Biodefense Research Laboratory - Dr. Nancy Sullivan

Research Laboratories
Biodefense Research Laboratory
Nancy Sullivan, Ph.D.

The research focus of the Biodefense Research Laboratory comprises three areas: 1) development of vaccines and antivirals against hemorrhagic fever viruses such as Ebola, Marburg and Lassa, 2) studies of the mechanism of vaccine-induced immune protection, and 3) basic research to understand the mechanism of virus replication (entry) and neutralization.
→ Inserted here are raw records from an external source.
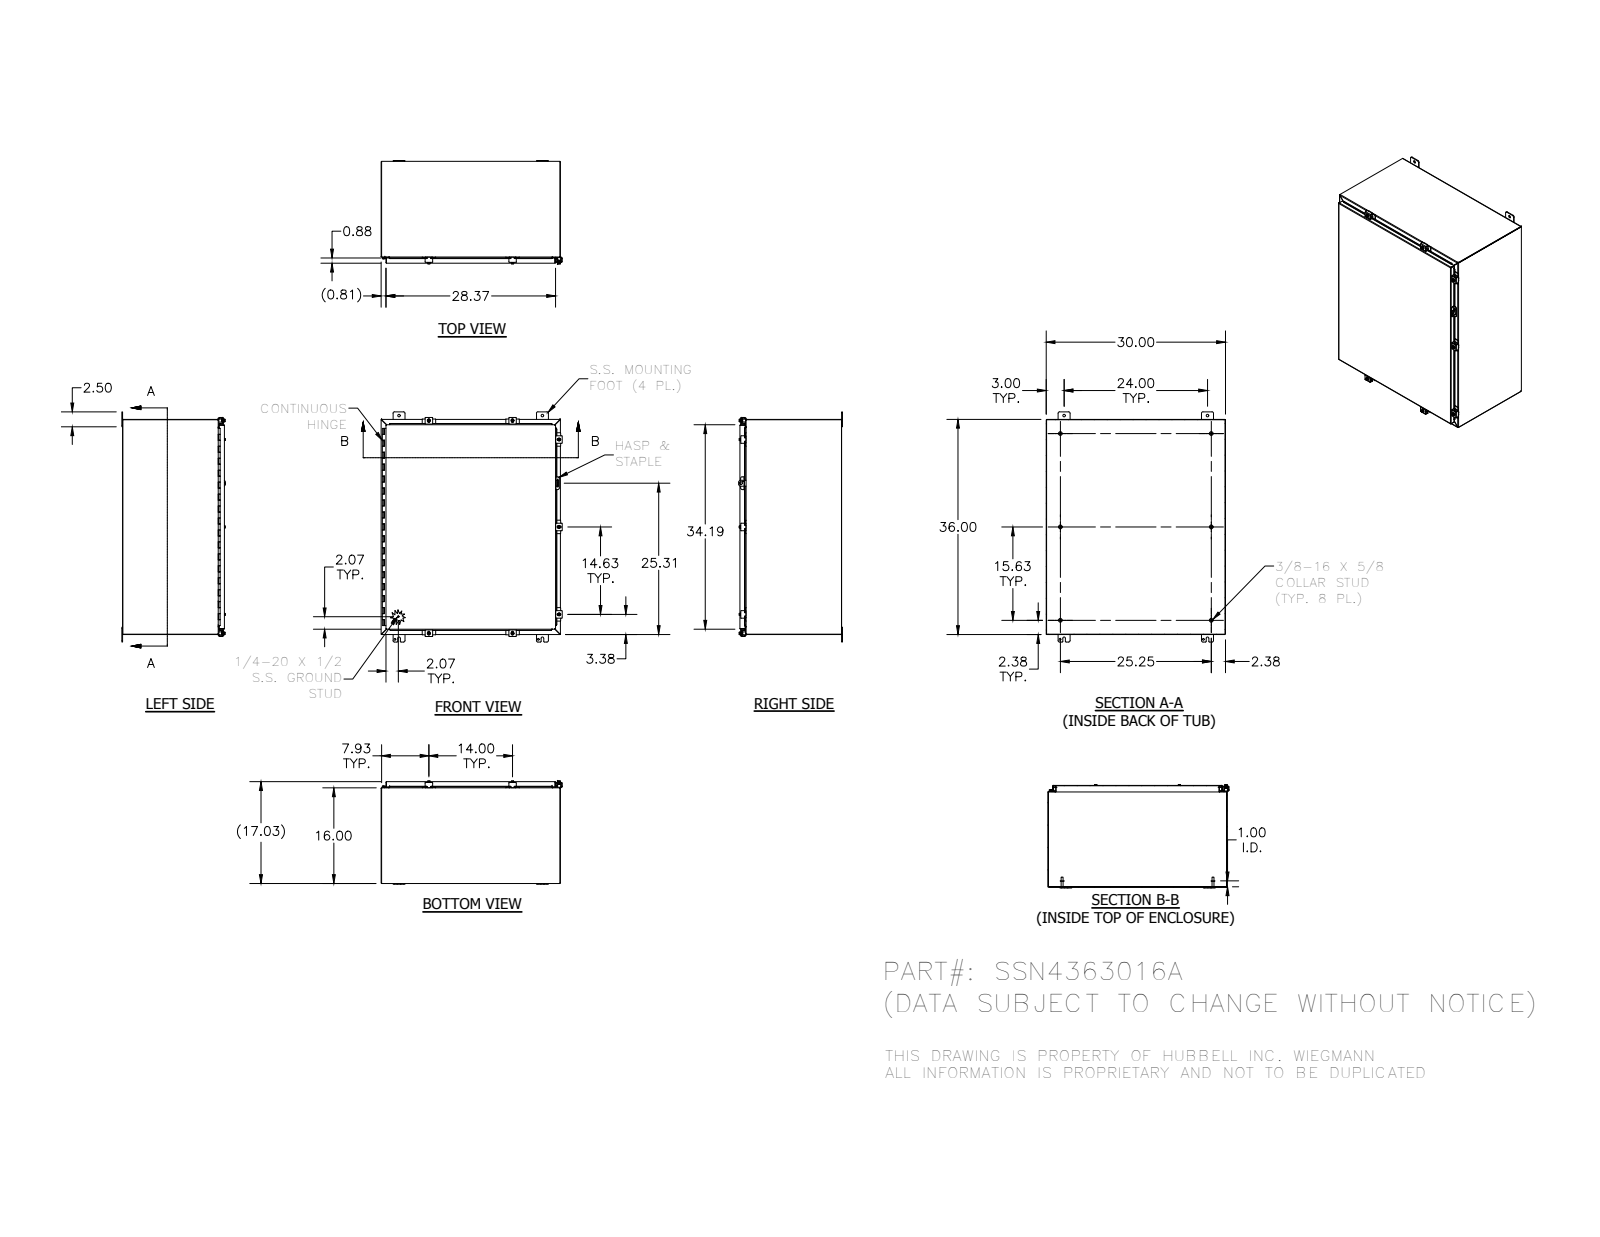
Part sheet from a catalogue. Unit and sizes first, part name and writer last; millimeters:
Units: millimetres
Overall size (bounding box): 977.9 × 769.9 × 440.8
Round holes (diameter × count): ⌀5.4 ×7, ⌀7.1 ×7, ⌀7.6 ×7, ⌀8 ×4, ⌀11.1 ×4, ⌀3.2 ×1, ⌀4 ×1, ⌀12.7 ×1
Round bosses / shafts (diameter × count): ⌀6.4 ×9, ⌀13.2 ×7, ⌀12.7 ×7, ⌀8.9 ×7, ⌀15.9 ×6, ⌀8.4 ×6, ⌀8.6 ×1, ⌀3 ×1
Partial cylindrical surfaces — rounded edges, fillets, slot ends (radius × count): R0.8 ×83, R3.2 ×37, R6.4 ×33, R0.8 ×21, R2.7 ×21, R1.6 ×14, R3.6 ×14, R2.5 ×10
Main face-to-face distances: 1.9, 430.8, 760.1, 428.9, 432.6, 912.5, 758.2, 762, 910.6, 914.4
Hole centre spacings: 214.2, 559.8, 609.6, 40.5, 914.4, 1099, 110.1, 124.1
Volume: 5 908 000 mm³ · Surface area: 6 175 000 mm²
Bodies: 56 solids, 2032 faces (842 planar, 883 cylindrical, 307 other)
Part name (STEP PRODUCT): 32874-36P; SSN4363016ALRS; HFW308001; 38859 (+8 more)
STEP written by: SolidWorks 2014 (AUTOMOTIVE_DESIGN)

Ebola and Marburg viruses have been identified as the cause of several highly lethal outbreaks of hemorrhagic fever for which there is no treatment or cure. Therefore, vaccine studies are critically important for protection against infection. We developed a highly effective vaccine strategy for Ebola virus infection in non-human primates (Sullivan et al., Nature, 2000). A combination of primary immunization with plasmid DNA and boosting with adenoviral vectors containing Ebola genes generated protective immunity in cynomolgus macaques. The vaccine yielded 100% protective efficacy against Ebola infection and showed for the first time that protective immune responses could be generated in primates. The DNA vaccine is currently being tested in human trials conducted by the VRC Clinical Trials Core Laboratory. Subsequently, our laboratory has improved on earlier studies by demonstrating that protective immunity can be generated with a single shot of the adenoviral vector vaccine (Sullivan et al., Nature, 2003). Future studies will precisely define the dose and composition of a clinical Ebola vaccine product to be licensed for human use, and will also apply similar strategies to the development of protective vaccines against Marburg and Lassa viruses.
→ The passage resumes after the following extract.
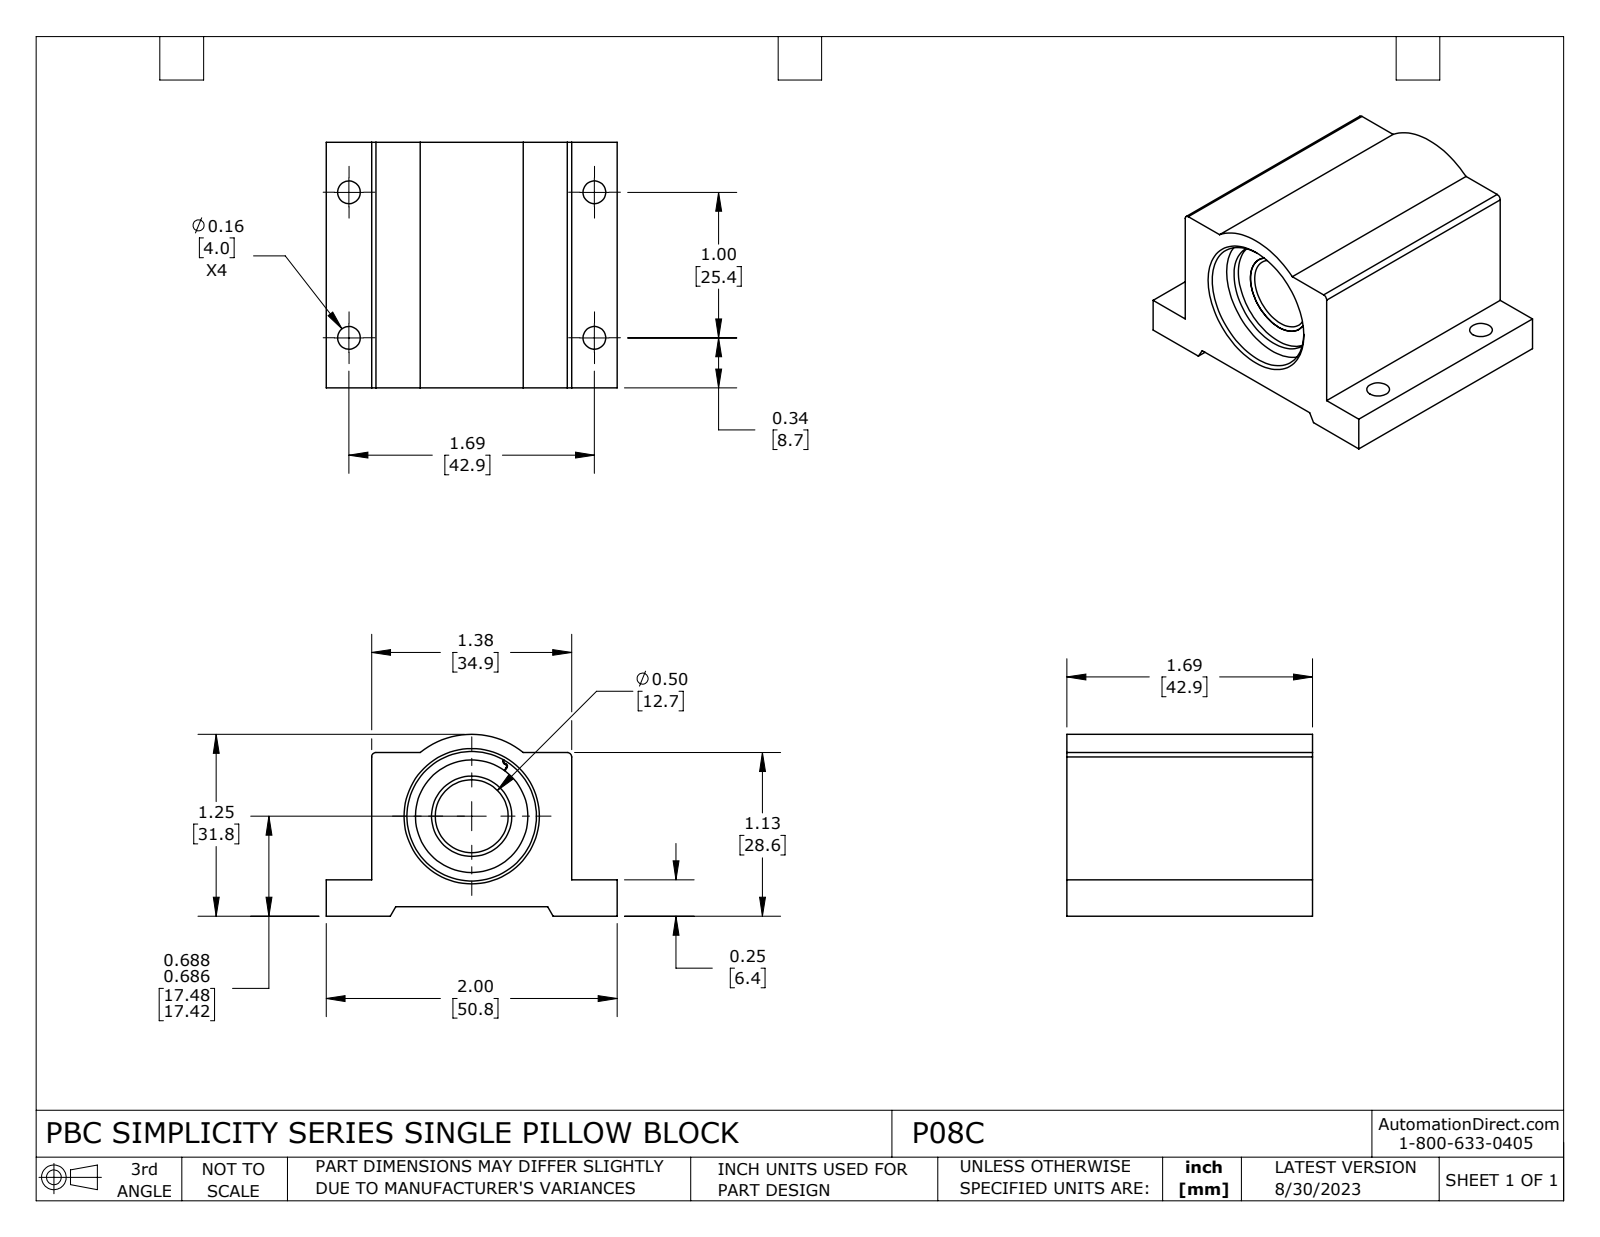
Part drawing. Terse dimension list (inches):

A second area of study in the Biodefense Research Section is the analysis of vaccine-induced immune responses. The mechanism of immune protection against Ebola virus infection is as yet unknown. Studies using knock-out mice have reported that NK-cells, cytolytic T-cells, or antibodies are each necessary for protection in the mouse model of Ebola virus infection. Other studies have shown using adoptive transfer that antibodies alone or T-cells alone are sufficient for protective immunity. Collectively, these investigations suggest that our understanding of immune protection against Ebola remains limited. Moreover, the mouse models of Ebola infection frequently fail to recapitulate important components of pathogenesis and immunity that are observed in primates. Therefore, we are using the studies of vaccine-induced protective immunity in nonhuman primates to help elucidate the precise mechanism(s) of immune protection against Ebola infection. Current studies under investigation are being conducted in nonhuman primates and utilize methods for selective inhibition of specific immunity such as T- and B-cell depletion, inhibition of T-cell help, and passive transfer of immune globulin. Using multicolor flow cytometry we are able to evaluate with high precision the quantity and quality of vaccine induced cellular responses by identifying distinct subsets of lymphocytes that are present in protected animals, and the kinetics with which they appear. Our goal is to combine the methods described to define and characterize the components required for immune protection against Ebola infection.

Our laboratory is also interested the basic biology underlying Ebola virus pathogenesis, virus-host interactions, and inhibition of virus replication. Ebola virus is a non-segmented negative strand RNA virus with a simple genome containing seven open reading frames. The virus replication cycle begins with binding of the envelope glycoprotein, GP, to a putative cell surface receptor(s) and entry into the host cell by fusion of viral and cell membranes. Strategies to interrupt the virus life cycle can be targeted to these early entry events or to later steps in the replication cycle. We are currently investigating the molecular basis for inhibition of virus entry by molecular inhibitors and neutralizing antibodies, and of genome replication and transcription by siRNA technology. We have developed and array of antibodies, both neutralizing and non-neutralizing, that are useful for characterizing GP structural changes and their functional consequences. We are using these tools to dissect the molecular events underlying Ebola GP interactions within the host. Our goal with these studies is to identify points in the Ebola virus replication cycle that are vulnerable antiviral and neutralization targets.